-- Opening Marker --
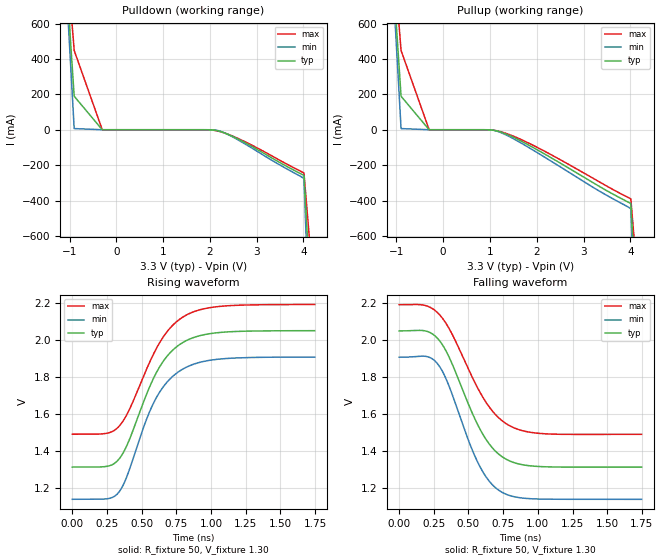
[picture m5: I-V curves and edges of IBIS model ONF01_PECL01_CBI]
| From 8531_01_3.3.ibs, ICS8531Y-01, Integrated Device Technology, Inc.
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[Model]   ONF01_PECL01_CBI
Model_type   Output_ECL
Polarity   Non-Inverting
|   typ   min   max
C_comp   2pF   1.5pF   2.5pF
Vmeas = 1.645V
Rref = 50
Cref = 0
Vref = 1.3V
|   typ   min   max
[Voltage range]   3.3V   3.135V   3.465V
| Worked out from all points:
|   rising waveform, R_fixture 50, V_fixture 1.30: 20-80 % time 262ps typ, 254ps min, 274ps max; typ from 1.31 V to 2.05 V
|   falling waveform, R_fixture 50, V_fixture 1.30: 20-80 % time 265ps typ, 241ps min, 289ps max; typ from 2.05 V to 1.31 V
[Pulldown]
|Voltage   I (typ)   I (min)   I (max)
-3.3V     9.786A     12.03A     8.45A
-1.5V     2.58A      2.839A     2.441A
-900mV    189.2mA    6.554mA    448mA
-300mV    38.6nA     137.1pA    1.11uA
1.929V    -65.47uA   -9.735uA   -208.8uA
2.126V    -3.6mA     -2.093mA   -4.912mA
2.225V    -10.1mA    -8.738mA   -11.16mA
2.422V    -30.08mA   -31.69mA   -29.07mA
2.767V    -75.59mA   -82.9mA    -70mA
4.01V     -258.5mA   -276.6mA   -244.2mA
4.528V    -2.686A    -3.931A    -1.893A
6.6V      -15.7A     -20.54A    -12.73A
[Pullup]
|Voltage   I (typ)   I (min)   I (max)
-3.3V     9.786A     12.03A     8.45A
-1.5V     2.58A      2.839A     2.441A
-900mV    189.2mA    6.554mA    448mA
-300mV    38.6nA     137.1pA    1.11uA
1.041V    -1.672mA   -1.458mA   -1.662mA
1.288V    -18.76mA   -22.48mA   -15.85mA
1.682V    -66.53mA   -77.82mA   -57.33mA
2.274V    -153.4mA   -172.3mA   -136.6mA
3.26V     -308.2mA   -334.6mA   -282.9mA
4.01V     -417.2mA   -447.3mA   -390.5mA
4.528V    -2.844A    -4.101A    -2.04A
6.6V      -15.79A    -20.6A     -12.84A
[Ramp]
|   typ   min   max
dV/dt_r   0.59/0.411n   0.615/0.404n   0.561/0.427n
dV/dt_f   0.592/0.403n   0.62/0.365n   0.562/0.44n
R_load =   50.0000
[Rising Waveform]
R_fixture = 50
V_fixture = 1.30   | VCC_typ - 2V
V_fixture_max = 1.465   | VCC_max - 2V
V_fixture_min = 1.135   | VCC_min - 2V
C_fixture = 0.0p
| Time   typ   min   max
0s        1.314V     1.139V     1.491V
247ps     1.317V     1.141V     1.496V
332.8ps   1.353V     1.175V     1.531V
409.9ps   1.458V     1.295V     1.622V
522ps     1.682V     1.545V     1.819V
595.6ps   1.809V     1.674V     1.94V
686.7ps   1.916V     1.776V     2.049V
793.5ps   1.986V     1.842V     2.123V
1.063ns   2.041V     1.898V     2.183V
1.748ns   2.051V     1.908V     2.193V
[Falling Waveform]
R_fixture = 50
V_fixture = 1.30   | VCC_typ - 2V
V_fixture_max = 1.465   | VCC_max - 2V
V_fixture_min = 1.135   | VCC_min - 2V
C_fixture = 0.0p
| Time   typ   min   max
0s        2.051V     1.909V     2.193V
197.9ps   2.049V     1.912V     2.187V
282ps     2.006V     1.868V     2.146V
364.4ps   1.902V     1.743V     2.058V
571.1ps   1.536V     1.333V     1.735V
649.9ps   1.438V     1.237V     1.639V
735.7ps   1.373V     1.18V      1.569V
846.1ps   1.334V     1.151V     1.521V
995ps     1.317V     1.141V     1.497V
1.748ns   1.314V     1.139V     1.491V
-- Closing Marker --
* **Directions**
Copy every line exactly, from the opening line of the entries down to the line holding "V to 1.31 V", and keep the pictures out.

* **Problem solution**
[picture m5: I-V curves and edges of IBIS model ONF01_PECL01_CBI]
| From 8531_01_3.3.ibs, ICS8531Y-01, Integrated Device Technology, Inc.
[Model]   ONF01_PECL01_CBI
Model_type   Output_ECL
Polarity   Non-Inverting
|   typ   min   max
C_comp   2pF   1.5pF   2.5pF
Vmeas = 1.645V
Rref = 50
Cref = 0
Vref = 1.3V
|   typ   min   max
[Voltage range]   3.3V   3.135V   3.465V
| Worked out from all points:
|   rising waveform, R_fixture 50, V_fixture 1.30: 20-80 % time 262ps typ, 254ps min, 274ps max; typ from 1.31 V to 2.05 V
|   falling waveform, R_fixture 50, V_fixture 1.30: 20-80 % time 265ps typ, 241ps min, 289ps max; typ from 2.05 V to 1.31 V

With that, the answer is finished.